Методологии исследования связи либерализма и просвещения
Реализм стремится выявить ту «социальную и интеллектуальную матрицу», из которой вышел исследуемый нами Силлогизм, которая отразилась в его организации и к которой он обращен — апологетически или критически. Без учета этой «матрицы» нельзя понять даже то, почему автор исследуемого Силлогизма занимается именно данными проблемами, а не иными. Нельзя понять и то, почему для их обсуждения он использует данный понятийный вокабуляр, а не иной, а также смыслы, которыми наделены его понятия (вспомним рассуждение Карла Беккера о «современности» вокабуляра философии Просвещения!). Наконец, мы не поймем, решению каких задач, возможно, не только когнитивных, но и идеологических, культурных, политических и т. д., подчинен и служит выстраиваемый им Силлогизм. Говоря коротко, центральным вопросом становится «что делал данный автор, выстраивая свой Силлогизм?», а не «что собой представляет данный Силлогизм как таковой?». Постижение «делания» требует внимания к тому историко-культурному контексту, в котором «делание» только и может разворачиваться, чего вовсе не требует изучение Силлогизма как такового.

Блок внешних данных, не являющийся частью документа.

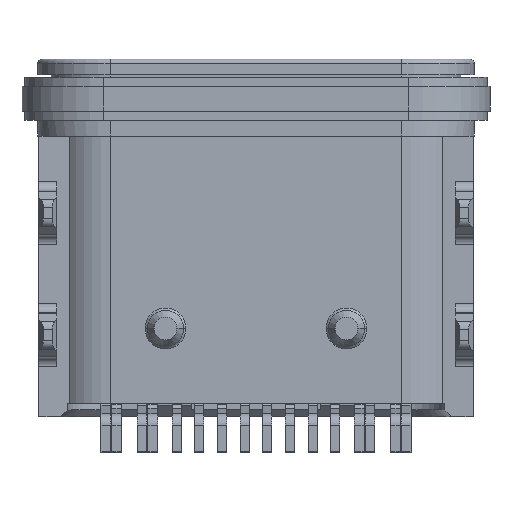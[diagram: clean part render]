
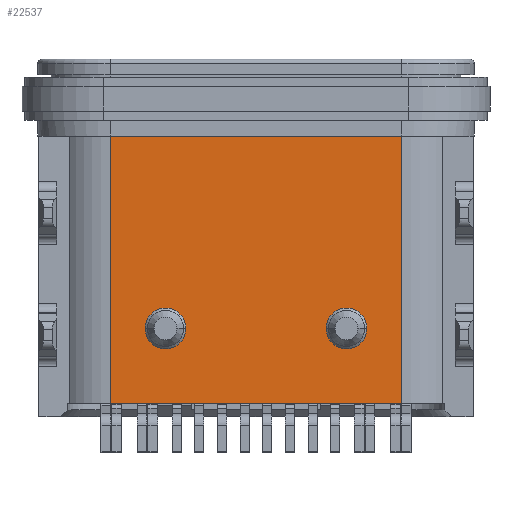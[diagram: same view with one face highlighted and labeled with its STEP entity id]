
A CAD part, front view. The second image highlights one B-rep face of the part: STEP entity #22537.
In plain terms, the highlighted planar face has unit normal (0, -1, 0).
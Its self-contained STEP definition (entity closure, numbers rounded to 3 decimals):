
#100 = CARTESIAN_POINT ( 'NONE',  ( 2.92, 1.005, -5.9 ) ) ;
#506 = VECTOR ( 'NONE', #1376, 1000. ) ;
#1224 = AXIS2_PLACEMENT_3D ( 'NONE', #5035, #15753, #34832 ) ;
#1376 = DIRECTION ( 'NONE',  ( -1., 0., 0. ) ) ;
#1590 = EDGE_CURVE ( 'NONE', #10994, #25288, #14388, .T. ) ;
#1681 = DIRECTION ( 'NONE',  ( -1., 0., 0. ) ) ;
#2202 = EDGE_CURVE ( 'NONE', #32901, #25684, #14200, .T. ) ;
#2207 = AXIS2_PLACEMENT_3D ( 'NONE', #17920, #26122, #1681 ) ;
#2584 = CARTESIAN_POINT ( 'NONE',  ( 1.25, 1.005, -1.65 ) ) ;
#2787 = CARTESIAN_POINT ( 'NONE',  ( 1.25, 1.005, -7.55 ) ) ;
#3081 = VERTEX_POINT ( 'NONE', #14210 ) ;
#3512 = CIRCLE ( 'NONE', #23456, 0.45 ) ;
#3535 = CARTESIAN_POINT ( 'NONE',  ( 1.25, 1.005, -1.65 ) ) ;
#3884 = DIRECTION ( 'NONE',  ( 1., 0., 0. ) ) ;
#4879 = PLANE ( 'NONE',  #1224 ) ;
#5035 = CARTESIAN_POINT ( 'NONE',  ( 4.47, 1.005, -4.35 ) ) ;
#5433 = LINE ( 'NONE', #2584, #32543 ) ;
#6671 = CARTESIAN_POINT ( 'NONE',  ( 2.02, 1.005, -5.9 ) ) ;
#6882 = CIRCLE ( 'NONE', #8016, 0.45 ) ;
#8016 = AXIS2_PLACEMENT_3D ( 'NONE', #34534, #35210, #35054 ) ;
#8484 = DIRECTION ( 'NONE',  ( 0., 0., -1. ) ) ;
#8842 = ORIENTED_EDGE ( 'NONE', *, *, #1590, .F. ) ;
#9456 = VERTEX_POINT ( 'NONE', #100 ) ;
#10616 = CARTESIAN_POINT ( 'NONE',  ( 6.92, 1.005, -5.9 ) ) ;
#10994 = VERTEX_POINT ( 'NONE', #20884 ) ;
#12951 = ORIENTED_EDGE ( 'NONE', *, *, #2202, .F. ) ;
#13332 = EDGE_CURVE ( 'NONE', #29248, #9456, #13605, .T. ) ;
#13557 = CARTESIAN_POINT ( 'NONE',  ( 1.25, 1.005, -1.65 ) ) ;
#13605 = CIRCLE ( 'NONE', #2207, 0.45 ) ;
#13911 = CARTESIAN_POINT ( 'NONE',  ( 6.47, 1.005, -5.9 ) ) ;
#14200 = CIRCLE ( 'NONE', #34159, 0.45 ) ;
#14210 = CARTESIAN_POINT ( 'NONE',  ( 7.69, 1.005, -1.65 ) ) ;
#14388 = LINE ( 'NONE', #22945, #506 ) ;
#14887 = ORIENTED_EDGE ( 'NONE', *, *, #13332, .F. ) ;
#15708 = CARTESIAN_POINT ( 'NONE',  ( 6.47, 1.005, -5.9 ) ) ;
#15753 = DIRECTION ( 'NONE',  ( 0., 1., 0. ) ) ;
#15833 = EDGE_CURVE ( 'NONE', #9456, #29248, #6882, .T. ) ;
#16230 = DIRECTION ( 'NONE',  ( 1., 0., 0. ) ) ;
#16430 = FACE_BOUND ( 'NONE', #21055, .T. ) ;
#17051 = EDGE_CURVE ( 'NONE', #3081, #10994, #22041, .T. ) ;
#17920 = CARTESIAN_POINT ( 'NONE',  ( 2.47, 1.005, -5.9 ) ) ;
#19697 = ORIENTED_EDGE ( 'NONE', *, *, #20910, .F. ) ;
#20589 = ORIENTED_EDGE ( 'NONE', *, *, #22953, .F. ) ;
#20884 = CARTESIAN_POINT ( 'NONE',  ( 7.69, 1.005, -7.55 ) ) ;
#20910 = EDGE_CURVE ( 'NONE', #29794, #3081, #27974, .T. ) ;
#21055 = EDGE_LOOP ( 'NONE', ( #26651, #14887 ) ) ;
#22041 = LINE ( 'NONE', #32933, #29208 ) ;
#22089 = EDGE_CURVE ( 'NONE', #29794, #25288, #5433, .T. ) ;
#22537 = ADVANCED_FACE ( 'NONE', ( #26627, #29325, #16430 ), #4879, .F. ) ;
#22945 = CARTESIAN_POINT ( 'NONE',  ( 7.69, 1.005, -7.55 ) ) ;
#22953 = EDGE_CURVE ( 'NONE', #25684, #32901, #3512, .T. ) ;
#23456 = AXIS2_PLACEMENT_3D ( 'NONE', #15708, #24408, #16230 ) ;
#24408 = DIRECTION ( 'NONE',  ( 0., -1., 0. ) ) ;
#25288 = VERTEX_POINT ( 'NONE', #2787 ) ;
#25575 = ORIENTED_EDGE ( 'NONE', *, *, #22089, .T. ) ;
#25684 = VERTEX_POINT ( 'NONE', #10616 ) ;
#26122 = DIRECTION ( 'NONE',  ( 0., -1., 0. ) ) ;
#26627 = FACE_OUTER_BOUND ( 'NONE', #33998, .T. ) ;
#26651 = ORIENTED_EDGE ( 'NONE', *, *, #15833, .F. ) ;
#26989 = EDGE_LOOP ( 'NONE', ( #20589, #12951 ) ) ;
#27974 = LINE ( 'NONE', #3535, #29698 ) ;
#29208 = VECTOR ( 'NONE', #8484, 1000. ) ;
#29248 = VERTEX_POINT ( 'NONE', #6671 ) ;
#29325 = FACE_BOUND ( 'NONE', #26989, .T. ) ;
#29698 = VECTOR ( 'NONE', #3884, 1000. ) ;
#29794 = VERTEX_POINT ( 'NONE', #13557 ) ;
#29853 = ORIENTED_EDGE ( 'NONE', *, *, #17051, .F. ) ;
#29884 = DIRECTION ( 'NONE',  ( 0., 0., -1. ) ) ;
#29975 = DIRECTION ( 'NONE',  ( 0., -1., 0. ) ) ;
#30011 = CARTESIAN_POINT ( 'NONE',  ( 6.02, 1.005, -5.9 ) ) ;
#32543 = VECTOR ( 'NONE', #29884, 1000. ) ;
#32901 = VERTEX_POINT ( 'NONE', #30011 ) ;
#32933 = CARTESIAN_POINT ( 'NONE',  ( 7.69, 1.005, -1.65 ) ) ;
#33169 = DIRECTION ( 'NONE',  ( -1., 0., 0. ) ) ;
#33998 = EDGE_LOOP ( 'NONE', ( #19697, #25575, #8842, #29853 ) ) ;
#34159 = AXIS2_PLACEMENT_3D ( 'NONE', #13911, #29975, #33169 ) ;
#34534 = CARTESIAN_POINT ( 'NONE',  ( 2.47, 1.005, -5.9 ) ) ;
#34832 = DIRECTION ( 'NONE',  ( 0., 0., -1. ) ) ;
#35054 = DIRECTION ( 'NONE',  ( 1., 0., 0. ) ) ;
#35210 = DIRECTION ( 'NONE',  ( 0., -1., 0. ) ) ;

Поясню сказанное одним примером.
Знаменитое эссе Канта «Что такое Просвещение?», которое для многих исследователей служит чуть ли не главным источником постижения «духа» Просвещения, начинается со следующих утверждений: «Просвещение — это выход человека из состояния своего несовершеннолетия, в котором он находится по собственной вине. Несовершеннолетие — это неспособность пользоваться своим рассудком без руководства со стороны кого-то другого. Несовершеннолетие по собственной вине имеет причиной не недостаток рассудка, а недостаток решимости и мужества пользоваться им без руководства со стороны кого-то другого».
Вероятно, не требуется большого напряжения ума, чтобы увидеть логическую несостоятельность и даже парадоксальность этих утверждений. Действительно, понятие вины неотделимо от понятий вменяемости и ответственности. Некий поступок составляет мою вину и, следовательно, я ответствен за него только в том случае, если, как говорил Гегель, предикат «мой» применим к нему, т. е. если в этом поступке получила выражение моя свободная воля, которая как свободная могла выразиться в ином — «правильном» с моральной и правовой точек зрения — поступке. Логическую несостоятельность приведенных утверждений Канта может предотвратить лишь допущение того, что некогда в прошлом «человек» в достатке обладал рассудком, решимостью и мужеством и на основе свободного волеизъявления отказался от самостоятельного пользования своим рассудком, в чем и состоит его вина. Такое допущение абсурдно не только с нашей исторической точки зрения, но и с точки зрения кантовского прогрессизма, как он представлен в «Идее всеобщей истории…» и других произведениях.
Более того, оно делает абсурдным сам тезис о «несовершеннолетии», центральный для рассматриваемой статьи Канта. Ведь при допущении «неправильного» использования «человеком» его свободной воли в прошлом речь должна идти не о его «несовершеннолетии», а о его «порочности» (нуждающейся в самостоятельном объяснении) или о «старении» его духа, порождающем нечто вроде фроммовского «бегства от свободы». Иными словами, логически мы можем иметь либо «несовершеннолетие», либо «вину», но никак не оба вместе.
Но не менее поразительна мысль о том, что отказ от пользования собственным рассудком всегда обусловлен недостатком решимости и мужества. Народная поговорка о том, что не следует со своим уставом лезть в чужой монастырь, кажется более глубоким пониманием связи собственного рассудка и мужества, чем приведенные кантовские утверждения. Если я не агрессор и не хам, то не должен ли я, оказавшись в незнакомой культурной среде, просить руководства со стороны другого, способного объяснить мне местные традиции и обычаи? А до того — воздержаться от пользования собственным рассудком, дабы невольно не оскорбить хозяев какими-то действиями, которые с моей точки зрения выглядят естественными? Разве не нужно мужества для того, чтобы обуздать гордыню собственного разума и здраво признать, что в каких-то сферах жизни есть люди умнее, тоньше, опытнее меня, и вовсе не зазорно пользоваться их советами и наставлениями? Возможно, мое самостоятельное пользование собственным рассудком (а вовсе не робость или «идеологическая диктатура») приведет меня к умозаключению о необходимости «слушать» мнение более мудрых и опытных людей (моя самостоятельность в таком случае выразится в том, что я сам на основе принятых мной критериев утверждаюсь в понимании их превосходства надо мной).